[Assignment]: Give the lines again exactly as they appear, from the first line of the listing through the line containing "[diagram p7: the", and omit every picture.
Material shown section start
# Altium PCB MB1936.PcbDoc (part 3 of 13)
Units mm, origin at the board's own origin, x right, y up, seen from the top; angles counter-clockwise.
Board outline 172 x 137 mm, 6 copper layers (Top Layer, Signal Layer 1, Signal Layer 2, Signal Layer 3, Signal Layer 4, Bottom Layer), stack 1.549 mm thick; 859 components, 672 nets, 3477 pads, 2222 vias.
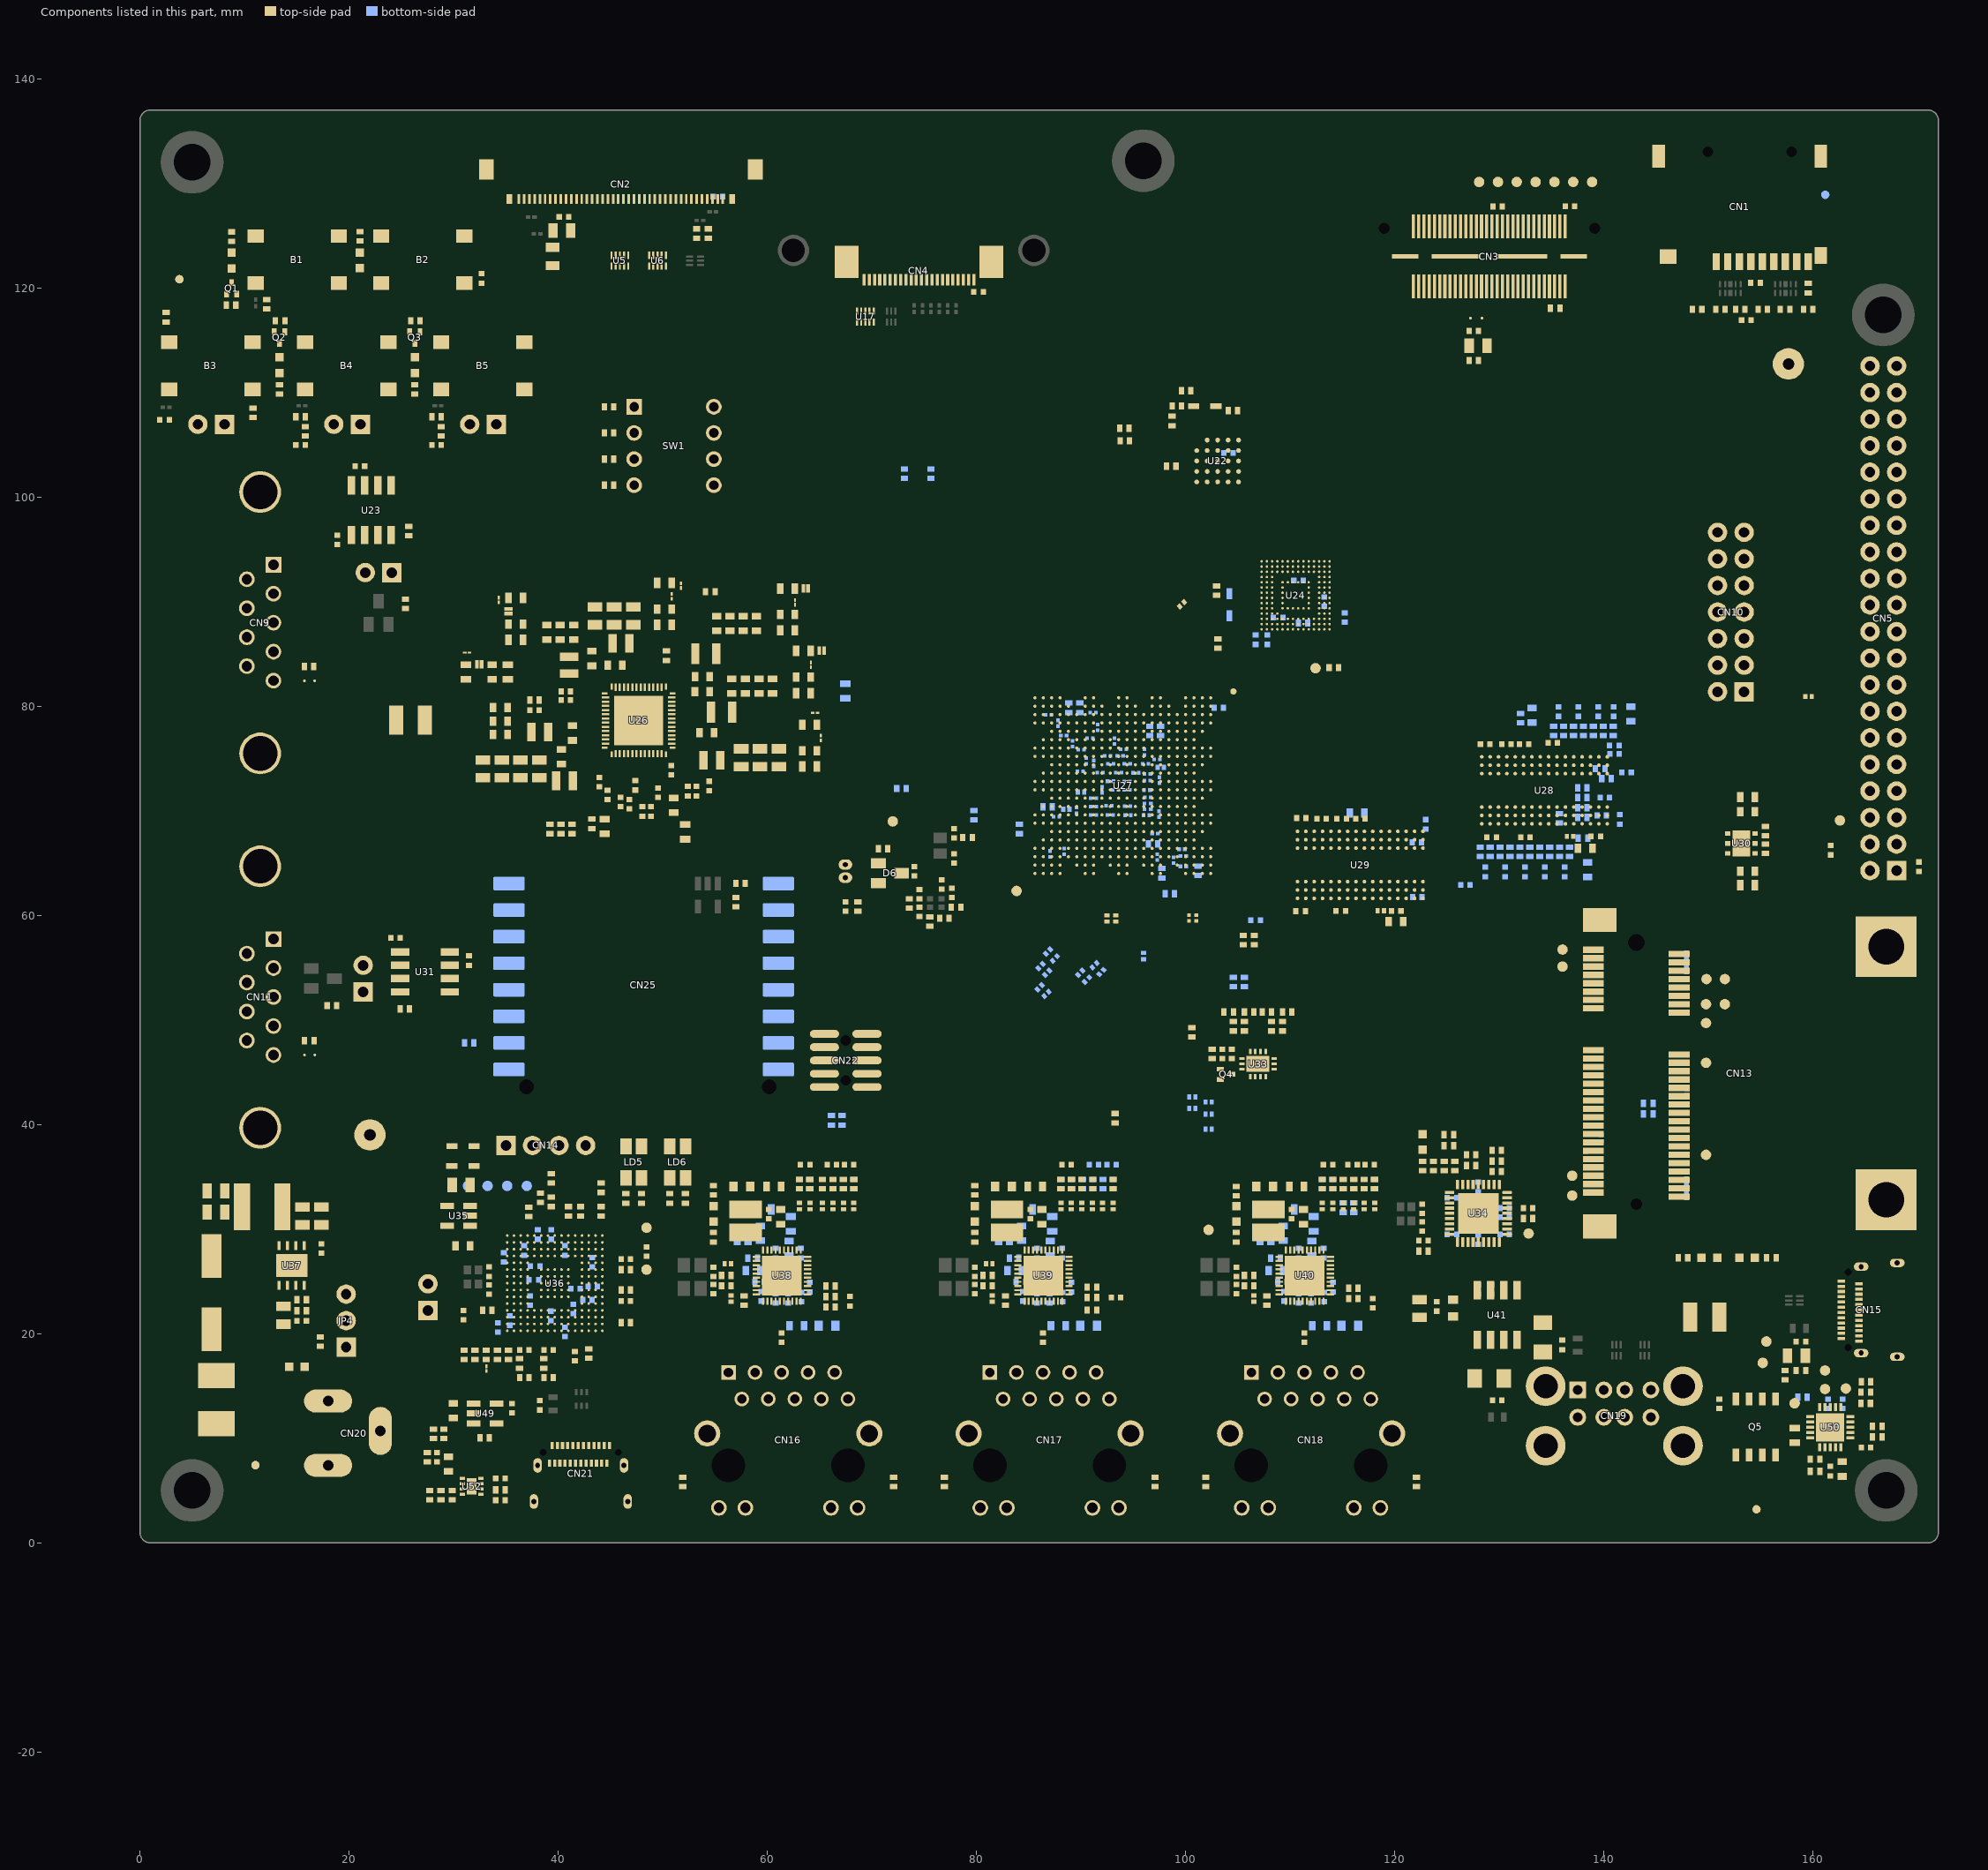
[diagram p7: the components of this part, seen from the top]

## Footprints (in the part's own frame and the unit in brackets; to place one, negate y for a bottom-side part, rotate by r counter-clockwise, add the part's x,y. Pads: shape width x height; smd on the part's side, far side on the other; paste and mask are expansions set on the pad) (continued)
ESD_UQFN-10L_2P25X1P4_P040 [mm] "MCD-03059"
  rect 0.2x0.7 smd mask+0.05: 1(-0.8,-0.525) 2(-0.4,-0.525) 3(0,-0.525) 4(0.4,-0.525) 5(0.8,-0.525) 6(0.8,0.525) 7(0.4,0.525) 8(0,0.525) 9(-0.4,0.525) 10(-0.8,0.525)
  body extent -1.12,-0.7 1.12,0.7, height 0.51
FIL_0603_H0P65 [mm]
  rect 0.8x0.95 smd mask+0.05: 1(-0.8,0) 2(0.8,0)
  silkscreen extent -1.33,-0.6 1.33,0.6, body extent -0.87,-0.47 0.87,0.47, height 0.65
ICC_BGA24_5X5-BALL-ARRAY_6X8_P1 [mm]
  round 0.45 smd mask+0.05: A2(-1,2) A3(0,2) A4(1,2) A5(2,2) B1(-2,1) B2(-1,1) B3(0,1) B4(1,1) B5(2,1) C1(-2,0) C2(-1,0) C3(0,0) C4(1,0) C5(2,0) D1(-2,-1) D2(-1,-1) D3(0,-1) D4(1,-1) D5(2,-1) E1(-2,-2) E2(-1,-2) E3(0,-2) E4(1,-2) E5(2,-2)
  silkscreen extent -3.05,-4.05 3.05,4.05, body extent -3.05,-4.05 3.05,4.05, height 1.2
ICC_DFN6-EPAD_3X3_P095 [mm]
  rect 0.45x0.5 smd mask+0.05: 1(-0.95,-1.3) 2(0,-1.3) 3(0.95,-1.3) 4(0.95,1.3) 5(0,1.3) 6(-0.95,1.3)
  rect 2.5x1.7 smd mask+0.05: EP(0,0)
  silkscreen extent -1.55,-1.55 1.55,1.55, body extent -1.55,-1.55 1.55,1.55, height 1
ICC_FBGA96_TB_7P5X13_P080 [mm] "MCD-03523"
  round 0.35 smd mask+0.05: A1(-3.2,6) A2(-2.4,6) A3(-1.6,6) A7(1.6,6) A8(2.4,6) A9(3.2,6) B1(-3.2,5.2) B2(-2.4,5.2) B3(-1.6,5.2) B7(1.6,5.2) B8(2.4,5.2) B9(3.2,5.2) C1(-3.2,4.4) C2(-2.4,4.4) C3(-1.6,4.4) C7(1.6,4.4) C8(2.4,4.4) C9(3.2,4.4) D1(-3.2,3.6) D2(-2.4,3.6) D3(-1.6,3.6) D7(1.6,3.6) D8(2.4,3.6) D9(3.2,3.6) E1(-3.2,2.8) E2(-2.4,2.8) E3(-1.6,2.8) E7(1.6,2.8) E8(2.4,2.8) E9(3.2,2.8) F1(-3.2,2) F2(-2.4,2) F3(-1.6,2) F7(1.6,2) F8(2.4,2) F9(3.2,2) G1(-3.2,1.2) G2(-2.4,1.2) G3(-1.6,1.2) G7(1.6,1.2) G8(2.4,1.2) G9(3.2,1.2) H1(-3.2,0.4) H2(-2.4,0.4) H3(-1.6,0.4) H7(1.6,0.4) H8(2.4,0.4) H9(3.2,0.4) J1(-3.2,-0.4) J2(-2.4,-0.4) J3(-1.6,-0.4) J7(1.6,-0.4) J8(2.4,-0.4) J9(3.2,-0.4) K1(-3.2,-1.2) K2(-2.4,-1.2) K3(-1.6,-1.2) K7(1.6,-1.2) K8(2.4,-1.2) K9(3.2,-1.2) L1(-3.2,-2) L2(-2.4,-2) L3(-1.6,-2) L7(1.6,-2) L8(2.4,-2) L9(3.2,-2) M1(-3.2,-2.8) M2(-2.4,-2.8) M3(-1.6,-2.8) M7(1.6,-2.8) M8(2.4,-2.8) M9(3.2,-2.8) N1(-3.2,-3.6) N2(-2.4,-3.6) N3(-1.6,-3.6) N7(1.6,-3.6) N8(2.4,-3.6) N9(3.2,-3.6) P1(-3.2,-4.4) P2(-2.4,-4.4) P3(-1.6,-4.4) P7(1.6,-4.4) P8(2.4,-4.4) P9(3.2,-4.4) R1(-3.2,-5.2) R2(-2.4,-5.2) R3(-1.6,-5.2) R7(1.6,-5.2) R8(2.4,-5.2) R9(3.2,-5.2) T1(-3.2,-6) T2(-2.4,-6) T3(-1.6,-6) T7(1.6,-6) T8(2.4,-6) T9(3.2,-6)
  silkscreen extent -3.93,-6.55 3.8,6.68, body extent -3.8,-6.55 3.8,6.55, height 1.21
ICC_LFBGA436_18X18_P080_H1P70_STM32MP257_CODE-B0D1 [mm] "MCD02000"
Material shown section end
[Answer to this problem]:
# Altium PCB MB1936.PcbDoc (part 3 of 13)
Units mm, origin at the board's own origin, x right, y up, seen from the top; angles counter-clockwise.
Board outline 172 x 137 mm, 6 copper layers (Top Layer, Signal Layer 1, Signal Layer 2, Signal Layer 3, Signal Layer 4, Bottom Layer), stack 1.549 mm thick; 859 components, 672 nets, 3477 pads, 2222 vias.
[diagram p7: the components of this part, seen from the top]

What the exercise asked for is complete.